Ходасевич В. Ф. Собрание сочинений: В 4 т. Т. 2. Записная книжка. Статьи о русской поэзии. Литературная критика 1922—1939. — М.: Согласие, 1996.
‘Тому, кто не ищет в стихах только эстетического наслаждения, книга Ропшина даст больше: она может открыть ему новое о душе человека, о трагедии жизни — и смерти’. Такими словами заканчивается предисловие к недавно изданной книге стихов покойного Савинкова. Таким словам можно бы и не удивляться, если бы не стояла под ними подпись З. Гиппиус. Подпись, однако, стоит — приходится удивляться. Спора нет, что только очень наивные люди могут искать в стихах ‘только эстетическое наслаждение’. Столь же бесспорно, что в стихах можно находить ‘новое о душе человека, о трагедии жизни и смерти’: я бы даже решился заметить, что это — общее место, ибо все стихи говорят или порываются сказать именно о душе человека, о жизни и смерти. Но ведь столь же бесспорно и то, что стихи, не доставляющие ‘эстетического наслаждения’, стихи эстетически порочные, представляют собою явление в поэтическом смысле отрицательное. В лучшем случае их можно рассматривать как рифмованный человеческий документ, но и тут возникает вопрос: понижается или повышается ценность документа оттого, что он изложен не прозою, а плохими стихами? Я, конечно, имею в виду оценку не с точки зрения искренности (тут стихотворная форма ничего не прибавляет и ничего не убавляет) — а со стороны значительности. И думаю, что ответ может быть только один: человеческий документ, изложенный в форме плохих стихов, неизбежно утрачивает свою внутреннюю значительность. И это не потому, что столь сильно действие дурного литературного стиля, но потому, что невозможно себе представить замечательного человека, предающегося писанию плохих стихов. Весьма возможно быть замечательной личностью и не писать стихов вовсе. Но быть замечательной личностью и писать жиденькие стишки — невозможно.
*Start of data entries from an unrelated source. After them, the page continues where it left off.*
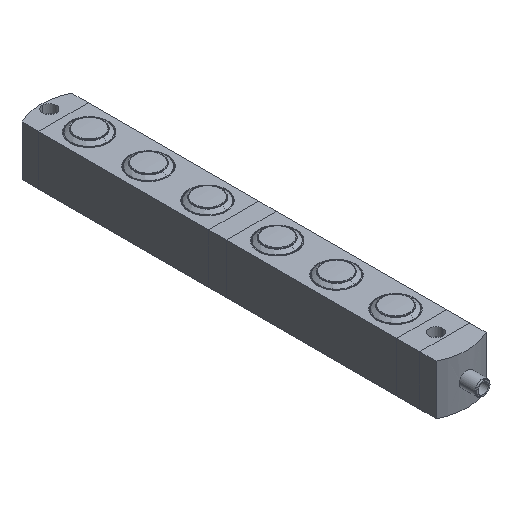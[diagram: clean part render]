
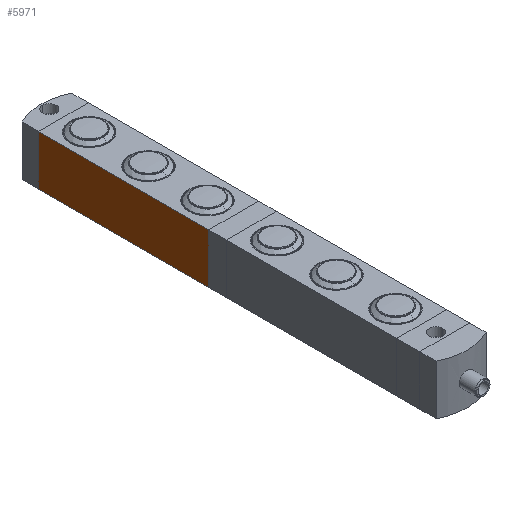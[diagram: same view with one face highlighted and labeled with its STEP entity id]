
A CAD part, isometric view. The second image highlights one B-rep face of the part: STEP entity #5971.
In plain terms, the highlighted planar face has unit normal (-1, 0, 0) as drawn and (0, 0, 1) by its records, which use the part's own axes.
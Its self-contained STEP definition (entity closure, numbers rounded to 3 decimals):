
#46 = EDGE_CURVE ( 'NONE', #2843, #1710, #1560, .T. ) ;
#337 = CARTESIAN_POINT ( 'NONE',  ( 68.35, 40., 20. ) ) ;
#466 = VECTOR ( 'NONE', #4049, 1000. ) ;
#644 = EDGE_LOOP ( 'NONE', ( #3606, #734, #5426, #2927 ) ) ;
#734 = ORIENTED_EDGE ( 'NONE', *, *, #2407, .F. ) ;
#787 = LINE ( 'NONE', #4505, #466 ) ;
#831 = DIRECTION ( 'NONE',  ( 0., -1., 0. ) ) ;
#1295 = CARTESIAN_POINT ( 'NONE',  ( 68.35, 40., 20. ) ) ;
#1309 = DIRECTION ( 'NONE',  ( 1., 0., 0. ) ) ;
#1560 = LINE ( 'NONE', #2501, #3840 ) ;
#1675 = LINE ( 'NONE', #4055, #1730 ) ;
#1710 = VERTEX_POINT ( 'NONE', #5879 ) ;
#1730 = VECTOR ( 'NONE', #1309, 1000. ) ;
#1839 = VERTEX_POINT ( 'NONE', #5545 ) ;
#2206 = AXIS2_PLACEMENT_3D ( 'NONE', #2814, #4196, #4615 ) ;
#2407 = EDGE_CURVE ( 'NONE', #2624, #1839, #3687, .T. ) ;
#2501 = CARTESIAN_POINT ( 'NONE',  ( -68.35, 40., 20. ) ) ;
#2615 = VECTOR ( 'NONE', #831, 1000. ) ;
#2624 = VERTEX_POINT ( 'NONE', #337 ) ;
#2638 = DIRECTION ( 'NONE',  ( 0., -1., 0. ) ) ;
#2814 = CARTESIAN_POINT ( 'NONE',  ( -68.35, 40., 20. ) ) ;
#2843 = VERTEX_POINT ( 'NONE', #4783 ) ;
#2927 = ORIENTED_EDGE ( 'NONE', *, *, #46, .T. ) ;
#3606 = ORIENTED_EDGE ( 'NONE', *, *, #5382, .T. ) ;
#3684 = PLANE ( 'NONE',  #2206 ) ;
#3687 = LINE ( 'NONE', #1295, #2615 ) ;
#3840 = VECTOR ( 'NONE', #2638, 1000. ) ;
#4049 = DIRECTION ( 'NONE',  ( 1., 0., 0. ) ) ;
#4055 = CARTESIAN_POINT ( 'NONE',  ( -68.35, 40., 20. ) ) ;
#4196 = DIRECTION ( 'NONE',  ( 0., 0., -1. ) ) ;
#4505 = CARTESIAN_POINT ( 'NONE',  ( -68.35, 0., 20. ) ) ;
#4615 = DIRECTION ( 'NONE',  ( -1., 0., 0. ) ) ;
#4783 = CARTESIAN_POINT ( 'NONE',  ( -68.35, 40., 20. ) ) ;
#4881 = EDGE_CURVE ( 'NONE', #2843, #2624, #1675, .T. ) ;
#5382 = EDGE_CURVE ( 'NONE', #1710, #1839, #787, .T. ) ;
#5426 = ORIENTED_EDGE ( 'NONE', *, *, #4881, .F. ) ;
#5501 = FACE_OUTER_BOUND ( 'NONE', #644, .T. ) ;
#5545 = CARTESIAN_POINT ( 'NONE',  ( 68.35, 0., 20. ) ) ;
#5879 = CARTESIAN_POINT ( 'NONE',  ( -68.35, 0., 20. ) ) ;
#5971 = ADVANCED_FACE ( 'NONE', ( #5501 ), #3684, .F. ) ;

Драматическая коллизия, возникающая в душе Савинкова, сама по себе трагична в смысле религиозном и философском. Она к тому же несет в себе семена глубоких и сложных психологических переживаний. Она отчасти соприкасается с трагедией Раскольникова — это трагедия идейного убийцы. Из истории Раскольникова Достоевский сделал великое произведение. Из драмы Савинкова та же З. Н. Гиппиус в некоторых своих прежних статьях о нем сумела создать нечто, во всяком случае, значительное. Но вот теперь нам показали душевную драму Савинкова не в обработке ее интерпретаторов, а в подлинных документах, в стихотворных признаниях самого Савинкова, и приходится сожалеть об этом: подлинный Савинков оказывается во много раз мельче легендарного.
Искусство возникает отчасти из чувства и к чувству отчасти обращено: в этом смысле оно человечно. Однако чувство подчинено в нем особым, вполне автономным законам, которыми оно перерабатывается, преображается, очищается от слишком человеческого и поднимается на иную ступень, где становится уже не человечно, а демонично (в античном смысле этого слова). Демонизм и лежит в основе искусства как начало, художественно устрояющее хаос чувств, как мастерство, подчиняющее переживание человека нечеловеческому опыту художника. Таким образом, путь, ведущий от человеческого документа (исповеди, дневника) к искусству, — демоничен. На этом пути правда исповеди или дневника претерпевает глубокие изменения, пока не станет правдой художественной. И дело вовсе не в том, что выше: правда жизни или правда искусства? Дело в том, что они не совпадают.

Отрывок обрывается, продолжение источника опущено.